From Publishers Weekly

History is directional, and its endpoint is capitalist liberal democracy, asserts Fukuyama, former U.S. State Department planner. In a broad, ambitious work of political philosophy, he identifies two prime forces that supposedly push all societies toward this evolutionary goal. The first is modern natural science (with its handmaiden, technology), which creates homogenous cultures. The second motor of history (which the author borrows from Hegel) is the desire for recognition, driving innovation and personal achievement. Fukuyama's main worry seems to be whether, in the coming of what he considers a capitalist utopia, we will all become complacently self-absorbed "last men" or instead revert to "first men" engaged in bloody, pointless battles.
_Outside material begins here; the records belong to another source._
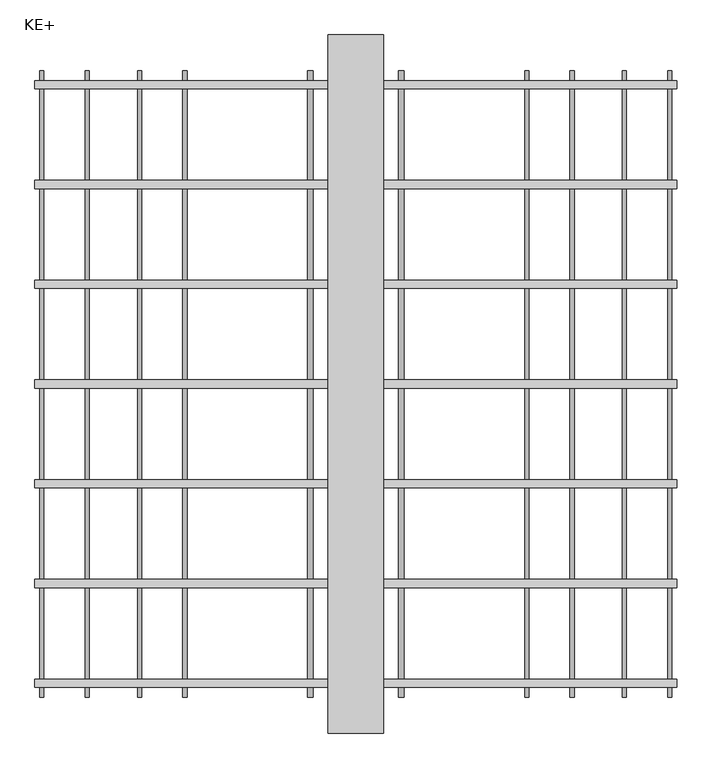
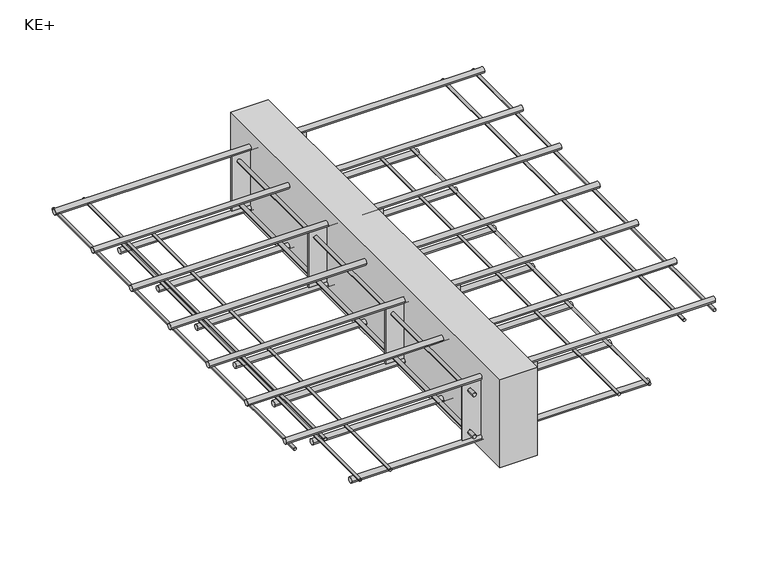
"""IFC4 building model written with IfcOpenShell, lengths in millimetres: fastener geometry, ACINOXplus_Typenreihe_K : KE+."""

from ifc_helpers import new_model, si_unit, point, frame, frame_2d, origin, place, context, project, spatial, polyline, circle_curve, trimmed, segment, composite_curve, outline, extrude, source, transform, mapped, element, save


def ke_af1f16a5(model_context):
    return source(origin(), model_context, "Body", "SweptSolid", [
        extrude(outline(polyline([(40.0, 500.0), (40.0, -500.0), (-40.0, -500.0), (-40.0, 500.0), (40.0, 500.0)])), frame((0.0, 0.0, -200.0), z_axis=(0.0, 0.0, 1.0), x_axis=(1.0, 0.0, 0.0)), (0.0, 0.0, 1.0), 200.0),
        extrude(outline(polyline([(80.0, -141.3571429), (80.0, -144.3571429), (-80.0, -144.3571429), (-80.0, -141.3571429), (80.0, -141.3571429)])), frame((0.0, 0.0, -167.0), z_axis=(0.0, 0.0, 1.0), x_axis=(1.0, 0.0, 0.0)), (0.0, 0.0, 1.0), 125.0),
        extrude(outline(polyline([(80.0, 144.3571429), (80.0, 141.3571429), (-80.0, 141.3571429), (-80.0, 144.3571429), (80.0, 144.3571429)])), frame((0.0, 0.0, -167.0), z_axis=(0.0, 0.0, 1.0), x_axis=(1.0, 0.0, 0.0)), (0.0, 0.0, 1.0), 125.0),
        extrude(outline(polyline([(80.0, -427.0714286), (80.0, -430.0714286), (-80.0, -430.0714286), (-80.0, -427.0714286), (80.0, -427.0714286)])), frame((0.0, 0.0, -167.0), z_axis=(0.0, 0.0, 1.0), x_axis=(1.0, 0.0, 0.0)), (0.0, 0.0, 1.0), 125.0),
        extrude(outline(polyline([(80.0, 430.0714286), (80.0, 427.0714286), (-80.0, 427.0714286), (-80.0, 430.0714286), (80.0, 430.0714286)])), frame((0.0, 0.0, -167.0), z_axis=(0.0, 0.0, 1.0), x_axis=(1.0, 0.0, 0.0)), (0.0, 0.0, 1.0), 125.0),
        extrude(outline(composite_curve([segment(trimmed(circle_curve(frame_2d((-152.0, -65.0)), 4.0), [point((-152.0, -61.0))], [point((-152.0, -69.0))], False, "CARTESIAN"), True, "CONTINUOUS"), segment(trimmed(circle_curve(frame_2d((-152.0, -65.0)), 4.0), [point((-152.0, -69.0))], [point((-152.0, -61.0))], False, "CARTESIAN"), True, "CONTINUOUS")], self_intersect=False)), frame((0.0, -448.5714286, 0.0), z_axis=(0.0, 1.0, 0.0), x_axis=(0.0, 0.0, 1.0)), (0.0, 0.0, 1.0), 18.5),
        extrude(outline(composite_curve([segment(trimmed(circle_curve(frame_2d((-152.0, -65.0)), 4.0), [point((-152.0, -69.0))], [point((-152.0, -61.0))], False, "CARTESIAN"), True, "CONTINUOUS"), segment(trimmed(circle_curve(frame_2d((-152.0, -65.0)), 4.0), [point((-152.0, -61.0))], [point((-152.0, -69.0))], False, "CARTESIAN"), True, "CONTINUOUS")], self_intersect=False)), frame((0.0, -427.0714286, 0.0), z_axis=(0.0, 1.0, 0.0), x_axis=(0.0, 0.0, 1.0)), (0.0, 0.0, 1.0), 568.4285714),
        extrude(outline(composite_curve([segment(trimmed(circle_curve(frame_2d((-152.0, -65.0)), 4.0), [point((-152.0, -69.0))], [point((-152.0, -61.0))], False, "CARTESIAN"), True, "CONTINUOUS"), segment(trimmed(circle_curve(frame_2d((-152.0, -65.0)), 4.0), [point((-152.0, -61.0))], [point((-152.0, -69.0))], False, "CARTESIAN"), True, "CONTINUOUS")], self_intersect=False)), frame((0.0, 430.0714286, 0.0), z_axis=(0.0, 1.0, 0.0), x_axis=(0.0, 0.0, 1.0)), (0.0, 0.0, 1.0), 18.5),
        extrude(outline(composite_curve([segment(trimmed(circle_curve(frame_2d((-152.0, -65.0)), 4.0), [point((-152.0, -69.0))], [point((-152.0, -61.0))], False, "CARTESIAN"), True, "CONTINUOUS"), segment(trimmed(circle_curve(frame_2d((-152.0, -65.0)), 4.0), [point((-152.0, -61.0))], [point((-152.0, -69.0))], False, "CARTESIAN"), True, "CONTINUOUS")], self_intersect=False)), frame((0.0, 144.3571429, 0.0), z_axis=(0.0, 1.0, 0.0), x_axis=(0.0, 0.0, 1.0)), (0.0, 0.0, 1.0), 282.7142857),
        extrude(outline(composite_curve([segment(trimmed(circle_curve(frame_2d((-152.0, 65.0)), 4.0), [point((-152.0, 69.0))], [point((-152.0, 61.0))], False, "CARTESIAN"), True, "CONTINUOUS"), segment(trimmed(circle_curve(frame_2d((-152.0, 65.0)), 4.0), [point((-152.0, 61.0))], [point((-152.0, 69.0))], False, "CARTESIAN"), True, "CONTINUOUS")], self_intersect=False)), frame((0.0, -448.5714286, 0.0), z_axis=(0.0, 1.0, 0.0), x_axis=(0.0, 0.0, 1.0)), (0.0, 0.0, 1.0), 18.5),
        extrude(outline(composite_curve([segment(trimmed(circle_curve(frame_2d((-152.0, 65.0)), 4.0), [point((-152.0, 61.0))], [point((-152.0, 69.0))], False, "CARTESIAN"), True, "CONTINUOUS"), segment(trimmed(circle_curve(frame_2d((-152.0, 65.0)), 4.0), [point((-152.0, 69.0))], [point((-152.0, 61.0))], False, "CARTESIAN"), True, "CONTINUOUS")], self_intersect=False)), frame((0.0, -427.0714286, 0.0), z_axis=(0.0, 1.0, 0.0), x_axis=(0.0, 0.0, 1.0)), (0.0, 0.0, 1.0), 568.4285714),
        extrude(outline(composite_curve([segment(trimmed(circle_curve(frame_2d((-152.0, 65.0)), 4.0), [point((-152.0, 61.0))], [point((-152.0, 69.0))], False, "CARTESIAN"), True, "CONTINUOUS"), segment(trimmed(circle_curve(frame_2d((-152.0, 65.0)), 4.0), [point((-152.0, 69.0))], [point((-152.0, 61.0))], False, "CARTESIAN"), True, "CONTINUOUS")], self_intersect=False)), frame((0.0, 430.0714286, 0.0), z_axis=(0.0, 1.0, 0.0), x_axis=(0.0, 0.0, 1.0)), (0.0, 0.0, 1.0), 18.5),
        extrude(outline(composite_curve([segment(trimmed(circle_curve(frame_2d((-152.0, 65.0)), 4.0), [point((-152.0, 61.0))], [point((-152.0, 69.0))], False, "CARTESIAN"), True, "CONTINUOUS"), segment(trimmed(circle_curve(frame_2d((-152.0, 65.0)), 4.0), [point((-152.0, 69.0))], [point((-152.0, 61.0))], False, "CARTESIAN"), True, "CONTINUOUS")], self_intersect=False)), frame((0.0, 144.3571429, 0.0), z_axis=(0.0, 1.0, 0.0), x_axis=(0.0, 0.0, 1.0)), (0.0, 0.0, 1.0), 282.7142857),
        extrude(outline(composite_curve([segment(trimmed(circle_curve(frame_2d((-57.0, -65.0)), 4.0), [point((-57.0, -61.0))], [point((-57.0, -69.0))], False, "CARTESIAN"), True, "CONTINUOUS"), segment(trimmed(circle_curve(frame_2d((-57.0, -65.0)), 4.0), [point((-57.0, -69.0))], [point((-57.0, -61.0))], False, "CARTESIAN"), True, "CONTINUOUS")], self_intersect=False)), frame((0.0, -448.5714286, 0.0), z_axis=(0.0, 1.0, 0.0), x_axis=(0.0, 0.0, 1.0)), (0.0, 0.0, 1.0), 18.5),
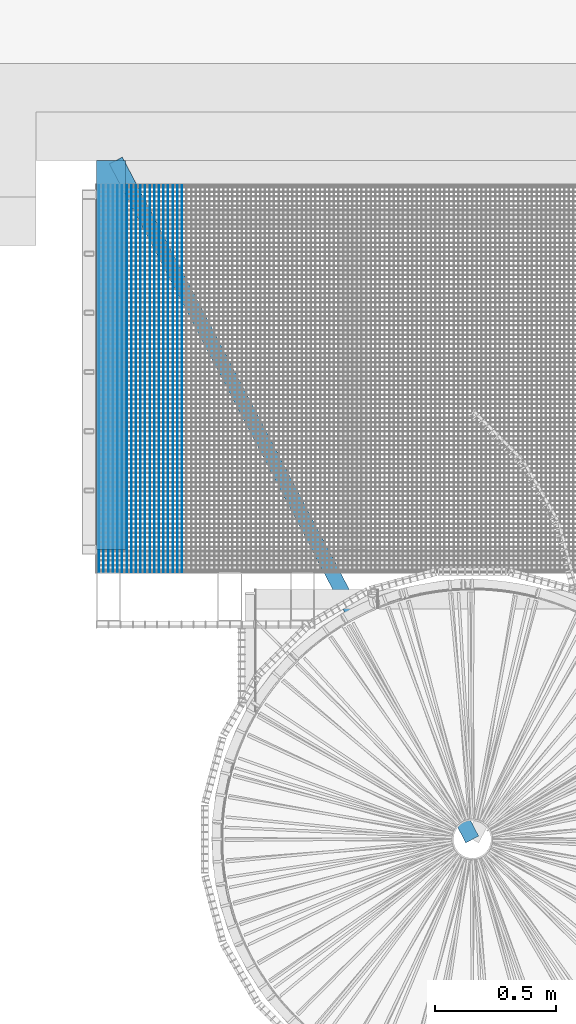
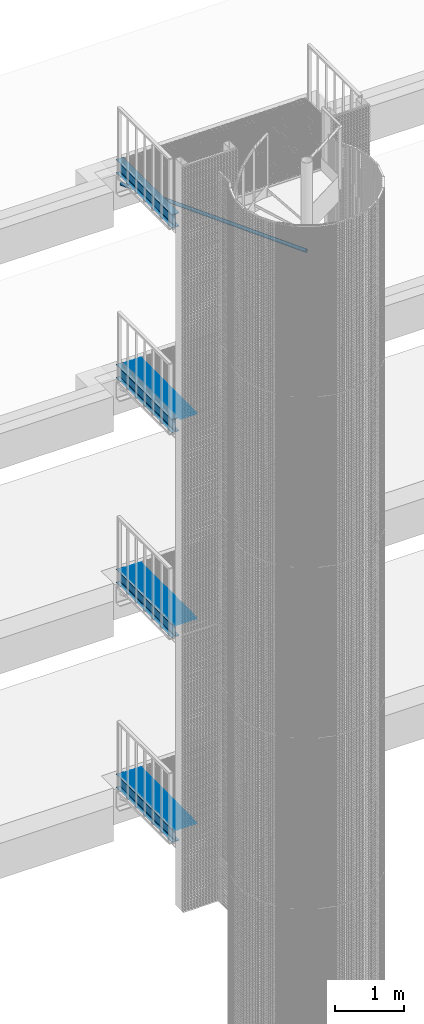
# One storey, part 91 of 1148: 58 beams, 8 elements without a shape of their own.
"""IFC2X3 building model written with IfcOpenShell, lengths in millimetres."""

from ifc_helpers import new_model, si_unit, frame, origin_with_axes, origin_2d_with_axis, place, context, subcontext, project, spatial, rectangle, hollow_circle, i_section, extrude, material, type_object, element, aggregate, save


model = new_model("IFC2X3")

# Units and contexts
model_context = context("Model", 3, precision=1e-05, world=origin_with_axes())
body_context = subcontext(model_context, "Body", "Model", "MODEL_VIEW")
ifc_project = project(units=[si_unit("LENGTHUNIT", "METRE", prefix="MILLI"), si_unit("AREAUNIT", "SQUARE_METRE"), si_unit("VOLUMEUNIT", "CUBIC_METRE"), si_unit("MASSUNIT", "GRAM", prefix="KILO"), si_unit("TIMEUNIT", "SECOND"), si_unit("PLANEANGLEUNIT", "RADIAN"), si_unit("SOLIDANGLEUNIT", "STERADIAN"), si_unit("THERMODYNAMICTEMPERATUREUNIT", "DEGREE_CELSIUS"), si_unit("LUMINOUSINTENSITYUNIT", "LUMEN")], contexts=[model_context])

# Site, building, storey
site_placement = place(None, origin_with_axes())
site = spatial("IfcSite", under=ifc_project, at=site_placement, Name="Undefined", CompositionType="ELEMENT")
building_placement = place(site_placement, origin_with_axes())
building = spatial("IfcBuilding", under=site, at=building_placement, Name="Undefined", CompositionType="ELEMENT")
storey_placement = place(building_placement, origin_with_axes())
storey = spatial("IfcBuildingStorey", under=building, at=storey_placement, Name="Undefined", CompositionType="ELEMENT", Elevation=0.0)

# Assembly, beams
assembly_1_placement = place(storey_placement, origin_with_axes())
assembly_1 = element("IfcElementAssembly", 1, at=assembly_1_placement, inside=storey, Name="BORDURE", AssemblyPlace="NOTDEFINED", PredefinedType="NOTDEFINED")
ifc_material_1 = material(Name="STEEL/S235JR")
beam_type_1 = type_object("IfcBeamType", Name="PL2*10", PredefinedType="NOTDEFINED")
beam_1_placement = place(assembly_1_placement, frame((20137.1154247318, 1101.99511814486, 13685.0), z_axis=(0.0, 0.0, 1.0), x_axis=(-4.50599999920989e-06, 0.999999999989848, 0.0)))
beam_1 = element("IfcBeam", 2, at=beam_1_placement, type_object=beam_type_1, material=ifc_material_1, Name="ENTRETOISE", context=body_context, shape_type="SweptSolid", body=[
    extrude(rectangle(XDim=2.0, YDim=10.0, at=origin_2d_with_axis()), frame((1596.0000000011, -1.35186458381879e-18, -7.27595761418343e-12), z_axis=(-1.0, 0.0, 0.0), x_axis=(0.0, -1.0, 0.0)), (0.0, 0.0, 1.0), 1596.0),
])
beam_2_placement = place(assembly_1_placement, frame((20156.1154247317, 1101.9952116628, 13685.0), z_axis=(0.0, 0.0, 1.0), x_axis=(-4.50599999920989e-06, 0.999999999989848, 0.0)))
beam_2 = element("IfcBeam", 3, at=beam_2_placement, type_object=beam_type_1, material=ifc_material_1, Name="ENTRETOISE", context=body_context, shape_type="SweptSolid", body=[
    extrude(rectangle(XDim=2.0, YDim=10.0, at=origin_2d_with_axis()), frame((1596.0000000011, -1.35186458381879e-18, -7.27595761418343e-12), z_axis=(-1.0, 0.0, 0.0), x_axis=(0.0, -1.0, 0.0)), (0.0, 0.0, 1.0), 1596.0),
])
beam_3_placement = place(assembly_1_placement, frame((20175.1154247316, 1101.99530518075, 13685.0), z_axis=(0.0, 0.0, 1.0), x_axis=(-4.50599999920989e-06, 0.999999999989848, 0.0)))
beam_3 = element("IfcBeam", 4, at=beam_3_placement, type_object=beam_type_1, material=ifc_material_1, Name="ENTRETOISE", context=body_context, shape_type="SweptSolid", body=[
    extrude(rectangle(XDim=2.0, YDim=10.0, at=origin_2d_with_axis()), frame((1596.0000000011, -1.35186458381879e-18, -7.27595761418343e-12), z_axis=(-1.0, 0.0, 0.0), x_axis=(0.0, -1.0, 0.0)), (0.0, 0.0, 1.0), 1596.0),
])
beam_4_placement = place(assembly_1_placement, frame((20194.1154247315, 1101.9953986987, 13685.0), z_axis=(0.0, 0.0, 1.0), x_axis=(-4.50599999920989e-06, 0.999999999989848, 0.0)))
beam_4 = element("IfcBeam", 5, at=beam_4_placement, type_object=beam_type_1, material=ifc_material_1, Name="ENTRETOISE", context=body_context, shape_type="SweptSolid", body=[
    extrude(rectangle(XDim=2.0, YDim=10.0, at=origin_2d_with_axis()), frame((1596.0000000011, -1.35186458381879e-18, -7.27595761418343e-12), z_axis=(-1.0, 0.0, 0.0), x_axis=(0.0, -1.0, 0.0)), (0.0, 0.0, 1.0), 1596.0),
])
beam_5_placement = place(assembly_1_placement, frame((20213.1154247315, 1101.99549221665, 13685.0), z_axis=(0.0, 0.0, 1.0), x_axis=(-4.50599999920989e-06, 0.999999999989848, 0.0)))
beam_5 = element("IfcBeam", 6, at=beam_5_placement, type_object=beam_type_1, material=ifc_material_1, Name="ENTRETOISE", context=body_context, shape_type="SweptSolid", body=[
    extrude(rectangle(XDim=2.0, YDim=10.0, at=origin_2d_with_axis()), frame((1596.0000000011, -1.35186458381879e-18, -7.27595761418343e-12), z_axis=(-1.0, 0.0, 0.0), x_axis=(0.0, -1.0, 0.0)), (0.0, 0.0, 1.0), 1596.0),
])
beam_6_placement = place(assembly_1_placement, frame((20232.1154247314, 1101.9955857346, 13685.0), z_axis=(0.0, 0.0, 1.0), x_axis=(-4.50599999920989e-06, 0.999999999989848, 0.0)))
beam_6 = element("IfcBeam", 7, at=beam_6_placement, type_object=beam_type_1, material=ifc_material_1, Name="ENTRETOISE", context=body_context, shape_type="SweptSolid", body=[
    extrude(rectangle(XDim=2.0, YDim=10.0, at=origin_2d_with_axis()), frame((1596.0000000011, -1.35186458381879e-18, -7.27595761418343e-12), z_axis=(-1.0, 0.0, 0.0), x_axis=(0.0, -1.0, 0.0)), (0.0, 0.0, 1.0), 1596.0),
])
beam_7_placement = place(assembly_1_placement, frame((20251.1154247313, 1101.99567925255, 13685.0), z_axis=(0.0, 0.0, 1.0), x_axis=(-4.50599999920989e-06, 0.999999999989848, 0.0)))
beam_7 = element("IfcBeam", 8, at=beam_7_placement, type_object=beam_type_1, material=ifc_material_1, Name="ENTRETOISE", context=body_context, shape_type="SweptSolid", body=[
    extrude(rectangle(XDim=2.0, YDim=10.0, at=origin_2d_with_axis()), frame((1596.0000000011, -1.35186458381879e-18, -7.27595761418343e-12), z_axis=(-1.0, 0.0, 0.0), x_axis=(0.0, -1.0, 0.0)), (0.0, 0.0, 1.0), 1596.0),
])
beam_8_placement = place(assembly_1_placement, frame((20270.1154247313, 1101.99577277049, 13685.0), z_axis=(0.0, 0.0, 1.0), x_axis=(-4.50599999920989e-06, 0.999999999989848, 0.0)))
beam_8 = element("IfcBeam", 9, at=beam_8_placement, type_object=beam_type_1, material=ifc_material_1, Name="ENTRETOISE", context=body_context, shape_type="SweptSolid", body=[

Several of the countries that he christens capitalist liberal democracies--Turkey, the nations of South America--are in fact either oligarchies or police states, and his contention that liberal democracies do not behave imperialistically flies in the face of world and U.S. history. Nevertheless, this self-congratulatory book will probably be popular and widely discussed, like Fukuyama's 1989 National Interest essay, "The End of History?"
Copyright 1992 Reed Business Information, Inc.

From Library Journal

Fukuyama, then deputy director of the State Department's Policy Planning Staff, first presented this thesis in the foreign policy journal National Interest (Summer 1989), where it attracted worldwide attention. He argues that there is a positive direction to current history, demonstrated by the collapse of authoritarian regimes of right and left and their replacement (in many but not all cases) by liberal governments. "A true global culture has emerged, centering around technologically driven economic growth and the capitalist social relations necessary to produce and sustain it." In the absence of viable alternatives to liberalism, history, conceived of as the clash of political ideologies, is at an end. We face instead the question of how to forge a rational global order that can accommodate humanity's restless desire for recognition without a return to chaos. Fukuyama's views conveniently present the international politics of the present administration. History disappears very early on in the narrative, to be replaced by abstract philosophy. This essay made into a book is pretentious and overblown, though it offers some grounds for speculation. Previewed in Prepub Alert, LJ 9/1/91.
- David Keymer, SUNY Inst. of Technology, Utica
Copyright 1992 Reed Business Information, Inc.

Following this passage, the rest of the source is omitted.